The forest stand type analyzed in this study is an uneven-aged mixed forest (young/mature Fir-Beech - GKnD), with a mean canopy closure of approx. 85% (range: 71-100%), with a a mean timber volume of 363.4 m3 ha-1. It is fairly homogeneous in terms of tree species composition, basal area, number trees per hectare, age, productivity (mainly phytomass) and growth, and easily distinguishable from the neighboring forest stand type.

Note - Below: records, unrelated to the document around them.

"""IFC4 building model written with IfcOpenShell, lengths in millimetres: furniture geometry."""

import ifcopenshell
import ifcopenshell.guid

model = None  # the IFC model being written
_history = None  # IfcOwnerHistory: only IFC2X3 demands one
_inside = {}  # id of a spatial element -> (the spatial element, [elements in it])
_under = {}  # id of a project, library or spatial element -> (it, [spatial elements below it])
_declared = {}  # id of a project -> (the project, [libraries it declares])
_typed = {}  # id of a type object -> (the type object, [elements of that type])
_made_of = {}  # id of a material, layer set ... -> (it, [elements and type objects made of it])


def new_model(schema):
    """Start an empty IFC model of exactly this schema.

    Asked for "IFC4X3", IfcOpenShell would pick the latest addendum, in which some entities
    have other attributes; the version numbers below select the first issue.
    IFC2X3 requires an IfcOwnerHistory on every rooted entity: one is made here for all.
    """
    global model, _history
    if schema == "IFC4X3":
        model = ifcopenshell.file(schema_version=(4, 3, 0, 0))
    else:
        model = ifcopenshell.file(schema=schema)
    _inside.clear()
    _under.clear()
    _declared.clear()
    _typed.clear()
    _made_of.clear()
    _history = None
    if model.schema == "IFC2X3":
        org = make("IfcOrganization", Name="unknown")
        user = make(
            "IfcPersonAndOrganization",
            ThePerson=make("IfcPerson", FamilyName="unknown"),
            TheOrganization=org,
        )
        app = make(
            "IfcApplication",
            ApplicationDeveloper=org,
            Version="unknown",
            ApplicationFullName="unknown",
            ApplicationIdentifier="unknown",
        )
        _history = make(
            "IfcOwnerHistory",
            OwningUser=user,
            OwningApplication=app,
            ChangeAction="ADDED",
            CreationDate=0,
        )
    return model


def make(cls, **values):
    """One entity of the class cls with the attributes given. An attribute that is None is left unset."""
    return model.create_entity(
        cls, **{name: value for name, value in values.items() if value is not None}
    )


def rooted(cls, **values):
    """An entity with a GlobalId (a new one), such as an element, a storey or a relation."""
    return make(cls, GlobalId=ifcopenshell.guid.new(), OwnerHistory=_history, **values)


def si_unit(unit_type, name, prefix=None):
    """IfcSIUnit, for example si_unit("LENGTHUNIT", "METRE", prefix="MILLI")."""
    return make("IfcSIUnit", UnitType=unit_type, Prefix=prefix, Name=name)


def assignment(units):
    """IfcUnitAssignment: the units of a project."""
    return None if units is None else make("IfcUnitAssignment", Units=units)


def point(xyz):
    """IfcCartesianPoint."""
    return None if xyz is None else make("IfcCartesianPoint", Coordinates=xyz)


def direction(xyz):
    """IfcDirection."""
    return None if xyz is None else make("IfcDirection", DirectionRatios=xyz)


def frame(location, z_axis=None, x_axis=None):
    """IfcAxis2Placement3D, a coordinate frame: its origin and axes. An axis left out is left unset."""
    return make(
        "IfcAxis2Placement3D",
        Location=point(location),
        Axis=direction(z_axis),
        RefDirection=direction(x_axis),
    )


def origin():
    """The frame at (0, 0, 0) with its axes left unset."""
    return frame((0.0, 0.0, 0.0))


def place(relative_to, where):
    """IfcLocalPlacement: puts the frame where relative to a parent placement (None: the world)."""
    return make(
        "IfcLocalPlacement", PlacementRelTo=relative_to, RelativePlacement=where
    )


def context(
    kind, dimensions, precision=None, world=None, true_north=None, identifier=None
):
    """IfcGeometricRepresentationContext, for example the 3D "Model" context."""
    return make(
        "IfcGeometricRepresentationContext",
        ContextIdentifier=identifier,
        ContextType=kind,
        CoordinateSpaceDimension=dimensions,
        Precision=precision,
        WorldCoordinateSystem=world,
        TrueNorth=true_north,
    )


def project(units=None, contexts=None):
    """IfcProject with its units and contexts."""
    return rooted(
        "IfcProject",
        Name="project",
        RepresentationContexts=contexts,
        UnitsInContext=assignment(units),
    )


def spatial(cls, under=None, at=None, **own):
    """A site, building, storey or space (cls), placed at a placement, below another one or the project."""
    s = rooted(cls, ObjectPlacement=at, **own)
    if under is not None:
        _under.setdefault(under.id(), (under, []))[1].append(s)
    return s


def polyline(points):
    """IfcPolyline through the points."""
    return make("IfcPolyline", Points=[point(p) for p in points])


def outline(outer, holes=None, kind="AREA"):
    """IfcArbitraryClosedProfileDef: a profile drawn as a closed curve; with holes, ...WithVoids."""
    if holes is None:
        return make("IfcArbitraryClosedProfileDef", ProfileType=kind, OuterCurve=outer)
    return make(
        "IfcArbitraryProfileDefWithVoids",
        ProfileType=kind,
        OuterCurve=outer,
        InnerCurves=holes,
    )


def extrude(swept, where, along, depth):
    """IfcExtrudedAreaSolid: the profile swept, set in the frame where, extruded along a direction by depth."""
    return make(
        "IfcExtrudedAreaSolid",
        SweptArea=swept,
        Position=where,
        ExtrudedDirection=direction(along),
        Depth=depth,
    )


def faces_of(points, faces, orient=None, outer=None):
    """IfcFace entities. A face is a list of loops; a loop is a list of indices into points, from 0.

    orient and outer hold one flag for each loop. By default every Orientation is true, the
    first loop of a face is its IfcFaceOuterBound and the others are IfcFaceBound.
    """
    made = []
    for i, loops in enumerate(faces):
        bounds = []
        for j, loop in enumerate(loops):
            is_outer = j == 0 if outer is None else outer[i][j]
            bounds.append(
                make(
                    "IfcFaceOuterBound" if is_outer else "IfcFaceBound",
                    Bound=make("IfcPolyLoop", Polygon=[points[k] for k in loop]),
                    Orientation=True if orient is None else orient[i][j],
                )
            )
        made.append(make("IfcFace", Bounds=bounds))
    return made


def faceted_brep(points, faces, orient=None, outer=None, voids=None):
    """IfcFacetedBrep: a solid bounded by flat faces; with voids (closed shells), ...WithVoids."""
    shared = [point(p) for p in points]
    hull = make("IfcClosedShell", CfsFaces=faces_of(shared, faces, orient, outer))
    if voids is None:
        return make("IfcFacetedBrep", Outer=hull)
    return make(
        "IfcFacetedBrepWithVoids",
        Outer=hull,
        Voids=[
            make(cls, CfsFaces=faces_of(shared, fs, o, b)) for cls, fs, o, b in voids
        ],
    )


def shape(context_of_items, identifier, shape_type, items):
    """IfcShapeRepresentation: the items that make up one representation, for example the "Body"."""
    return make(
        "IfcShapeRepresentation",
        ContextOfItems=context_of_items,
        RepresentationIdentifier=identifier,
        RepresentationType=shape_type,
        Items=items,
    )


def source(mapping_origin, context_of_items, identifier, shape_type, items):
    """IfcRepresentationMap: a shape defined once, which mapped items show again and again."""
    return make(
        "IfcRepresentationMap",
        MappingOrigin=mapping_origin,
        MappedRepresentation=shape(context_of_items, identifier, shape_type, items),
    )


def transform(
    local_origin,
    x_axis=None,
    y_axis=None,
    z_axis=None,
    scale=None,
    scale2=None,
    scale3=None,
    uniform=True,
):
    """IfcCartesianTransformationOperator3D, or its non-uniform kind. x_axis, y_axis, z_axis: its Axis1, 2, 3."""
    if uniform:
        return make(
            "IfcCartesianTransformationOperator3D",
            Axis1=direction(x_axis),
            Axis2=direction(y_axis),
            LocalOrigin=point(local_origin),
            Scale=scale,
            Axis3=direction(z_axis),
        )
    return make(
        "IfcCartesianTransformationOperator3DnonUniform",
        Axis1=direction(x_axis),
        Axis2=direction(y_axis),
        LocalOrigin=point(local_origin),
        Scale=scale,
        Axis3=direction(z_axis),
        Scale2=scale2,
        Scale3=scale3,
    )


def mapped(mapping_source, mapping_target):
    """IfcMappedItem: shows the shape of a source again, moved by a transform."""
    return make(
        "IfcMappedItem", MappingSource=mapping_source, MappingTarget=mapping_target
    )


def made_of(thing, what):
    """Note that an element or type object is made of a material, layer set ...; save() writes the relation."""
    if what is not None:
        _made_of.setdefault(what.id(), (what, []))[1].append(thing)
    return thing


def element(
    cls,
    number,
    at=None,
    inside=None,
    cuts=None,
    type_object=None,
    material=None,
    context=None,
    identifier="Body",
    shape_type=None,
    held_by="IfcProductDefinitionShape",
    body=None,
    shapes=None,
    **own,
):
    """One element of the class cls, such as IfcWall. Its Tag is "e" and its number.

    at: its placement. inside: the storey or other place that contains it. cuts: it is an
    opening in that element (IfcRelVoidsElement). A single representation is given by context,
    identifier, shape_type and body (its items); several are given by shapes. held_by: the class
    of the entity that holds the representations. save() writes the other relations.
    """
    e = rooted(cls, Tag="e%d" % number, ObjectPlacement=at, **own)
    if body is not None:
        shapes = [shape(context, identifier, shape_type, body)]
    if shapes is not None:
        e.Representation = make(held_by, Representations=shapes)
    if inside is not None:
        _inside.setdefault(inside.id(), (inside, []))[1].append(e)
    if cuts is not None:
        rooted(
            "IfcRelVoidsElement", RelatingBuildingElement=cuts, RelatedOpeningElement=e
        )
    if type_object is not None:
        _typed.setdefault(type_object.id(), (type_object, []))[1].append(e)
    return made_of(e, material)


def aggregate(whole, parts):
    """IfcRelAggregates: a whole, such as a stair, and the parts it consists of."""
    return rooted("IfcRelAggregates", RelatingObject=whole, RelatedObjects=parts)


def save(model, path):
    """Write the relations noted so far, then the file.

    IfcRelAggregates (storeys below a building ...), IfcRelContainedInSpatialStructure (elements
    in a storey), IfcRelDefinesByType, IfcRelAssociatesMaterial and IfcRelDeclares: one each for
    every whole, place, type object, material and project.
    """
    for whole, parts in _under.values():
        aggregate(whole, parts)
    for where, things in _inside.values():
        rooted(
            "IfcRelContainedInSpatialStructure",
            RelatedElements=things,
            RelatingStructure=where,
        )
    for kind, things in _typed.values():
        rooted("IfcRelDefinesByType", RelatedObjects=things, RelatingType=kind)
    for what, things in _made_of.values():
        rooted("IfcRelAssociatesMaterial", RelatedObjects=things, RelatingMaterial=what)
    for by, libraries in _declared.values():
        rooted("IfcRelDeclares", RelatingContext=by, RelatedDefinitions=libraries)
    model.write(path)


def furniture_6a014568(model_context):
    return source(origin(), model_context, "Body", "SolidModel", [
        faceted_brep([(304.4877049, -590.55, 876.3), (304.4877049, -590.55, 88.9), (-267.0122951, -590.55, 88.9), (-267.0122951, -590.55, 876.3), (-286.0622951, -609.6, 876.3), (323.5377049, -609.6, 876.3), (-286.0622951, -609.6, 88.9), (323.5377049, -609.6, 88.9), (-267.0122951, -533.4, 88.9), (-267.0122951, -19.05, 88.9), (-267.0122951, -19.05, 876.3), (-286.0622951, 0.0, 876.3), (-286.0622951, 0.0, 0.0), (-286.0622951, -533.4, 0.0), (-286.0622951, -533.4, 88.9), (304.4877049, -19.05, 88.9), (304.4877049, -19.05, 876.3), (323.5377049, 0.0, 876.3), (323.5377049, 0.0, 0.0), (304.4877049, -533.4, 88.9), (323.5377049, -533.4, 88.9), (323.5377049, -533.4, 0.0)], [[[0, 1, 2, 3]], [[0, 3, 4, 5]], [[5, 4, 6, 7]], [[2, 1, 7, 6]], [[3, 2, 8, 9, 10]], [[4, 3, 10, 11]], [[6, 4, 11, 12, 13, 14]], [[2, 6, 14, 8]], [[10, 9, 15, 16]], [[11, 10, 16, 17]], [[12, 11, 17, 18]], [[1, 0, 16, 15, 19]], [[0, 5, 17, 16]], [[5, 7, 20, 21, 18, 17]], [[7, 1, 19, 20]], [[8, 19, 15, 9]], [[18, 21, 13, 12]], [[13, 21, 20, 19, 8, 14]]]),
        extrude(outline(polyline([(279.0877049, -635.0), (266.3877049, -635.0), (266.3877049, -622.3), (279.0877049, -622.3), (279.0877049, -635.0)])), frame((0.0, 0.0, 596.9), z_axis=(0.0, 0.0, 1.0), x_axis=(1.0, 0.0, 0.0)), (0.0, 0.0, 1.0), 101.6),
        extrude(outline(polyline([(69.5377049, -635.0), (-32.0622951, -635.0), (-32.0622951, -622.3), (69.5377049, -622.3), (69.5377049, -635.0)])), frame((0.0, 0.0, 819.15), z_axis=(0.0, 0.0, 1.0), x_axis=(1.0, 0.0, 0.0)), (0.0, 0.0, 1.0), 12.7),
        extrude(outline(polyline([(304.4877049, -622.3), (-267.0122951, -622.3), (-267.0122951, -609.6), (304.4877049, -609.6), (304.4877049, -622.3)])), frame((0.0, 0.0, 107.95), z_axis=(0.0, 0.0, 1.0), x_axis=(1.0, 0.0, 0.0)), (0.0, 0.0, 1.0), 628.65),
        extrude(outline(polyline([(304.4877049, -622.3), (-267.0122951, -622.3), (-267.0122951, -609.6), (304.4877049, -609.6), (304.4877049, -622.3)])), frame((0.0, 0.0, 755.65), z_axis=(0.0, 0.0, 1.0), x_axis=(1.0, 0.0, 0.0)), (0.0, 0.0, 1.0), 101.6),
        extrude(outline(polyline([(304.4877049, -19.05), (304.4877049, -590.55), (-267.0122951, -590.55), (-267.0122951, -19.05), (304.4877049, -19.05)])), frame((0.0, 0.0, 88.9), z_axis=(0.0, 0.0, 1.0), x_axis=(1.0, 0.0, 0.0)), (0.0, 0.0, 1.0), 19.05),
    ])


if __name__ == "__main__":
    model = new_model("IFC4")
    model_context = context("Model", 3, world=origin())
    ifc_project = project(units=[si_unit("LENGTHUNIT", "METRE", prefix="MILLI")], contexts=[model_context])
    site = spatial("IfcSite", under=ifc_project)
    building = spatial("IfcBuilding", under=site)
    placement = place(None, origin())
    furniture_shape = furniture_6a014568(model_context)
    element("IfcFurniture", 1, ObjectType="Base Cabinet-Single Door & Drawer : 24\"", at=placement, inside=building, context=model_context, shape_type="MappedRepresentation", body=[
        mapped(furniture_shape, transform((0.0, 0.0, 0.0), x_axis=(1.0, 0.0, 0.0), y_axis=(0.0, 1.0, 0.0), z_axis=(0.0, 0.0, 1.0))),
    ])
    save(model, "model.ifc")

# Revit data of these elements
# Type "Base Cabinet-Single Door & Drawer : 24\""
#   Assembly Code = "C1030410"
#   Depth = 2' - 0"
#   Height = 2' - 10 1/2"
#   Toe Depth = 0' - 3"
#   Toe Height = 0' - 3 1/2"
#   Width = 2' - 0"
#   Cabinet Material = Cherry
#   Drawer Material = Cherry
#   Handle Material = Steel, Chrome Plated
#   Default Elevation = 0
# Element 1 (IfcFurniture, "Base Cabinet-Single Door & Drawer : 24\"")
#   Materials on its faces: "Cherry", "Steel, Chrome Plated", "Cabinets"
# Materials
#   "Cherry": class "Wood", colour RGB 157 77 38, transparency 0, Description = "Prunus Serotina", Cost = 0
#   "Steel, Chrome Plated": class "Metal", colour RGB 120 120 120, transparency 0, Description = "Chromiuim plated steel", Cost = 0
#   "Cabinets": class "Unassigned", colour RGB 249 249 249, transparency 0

Three different sites along an altitudinal gradients were selected in the study area at 1200, 1300, and 1400 m a.s.l. Six experimental sites at a distance of 100-m each other were established at each elevation, totaling 18 different sites. The experimental sites were selected among those showing similar environmental conditions (e.g., climate, geological substrate) to better compare LAI and soil properties across different elevations.

Canopy leaf area

Hemispherical photography is a common technique used to determine the percentage of light transmission through canopy gaps ([15], [40]). Three hemispherical photographs were taken at each experimental site using a Sigma 8 mm fisheye lens mounted on a Canon EOS 5D digital SLR camera. In total, 54 hemispherical photographs were taken at the different elevation. Additional hemispherical photographs were taken at each point where soil samples were collected (see below). The exact dating and timing of each photograph was recorded. All the photographs were taken under similar weather conditions, avoiding rain or snow periods, and direct sunlight during image collection.

LAI, light transmission, and canopy gaps were assessed on digital photographs using the software package Hemisfer® ver. 1.5.3 ([40]). According to Nobis & Hunziker ([31]), automatic thresholding was used for image analysis, while for the LAI estimation the Lang’s method was preferred ([24]). Parts of the trees other than their leaves, such as stems and branches, can influence the values of LAI; thus, the corrections recommended by Schleppi et al. ([40]) for non-linearity and slope and by Chen & Cihlar ([13]) for clumping effect were integrated into the calculations.

Soil sampling

On July 2013, soil samples of mineral topsoil (0-6.5 cm depth) were collected at 100-m distance from one another at each elevation after removing stones, plant and root debris. The soil depth of 0-6.5 cm was chosen since this layer is considered to be more easily influenced by any change compared to lower layers. At each sampling site, one sample was collected for physical and chemical analyses, and one sample for the microbial analysis, totaling 36 samples from 18 sites (6 sites per elevation). The samples collected for microbial analysis were sifted using 2 mm sieve and stored at 4 °C until the measurement of the microbial biomass C and basal respiration, while the samples for physical and chemical analyses were collected as soil cores (8.1 cm diameter), air-dried, ground and sieved (< 2 mm).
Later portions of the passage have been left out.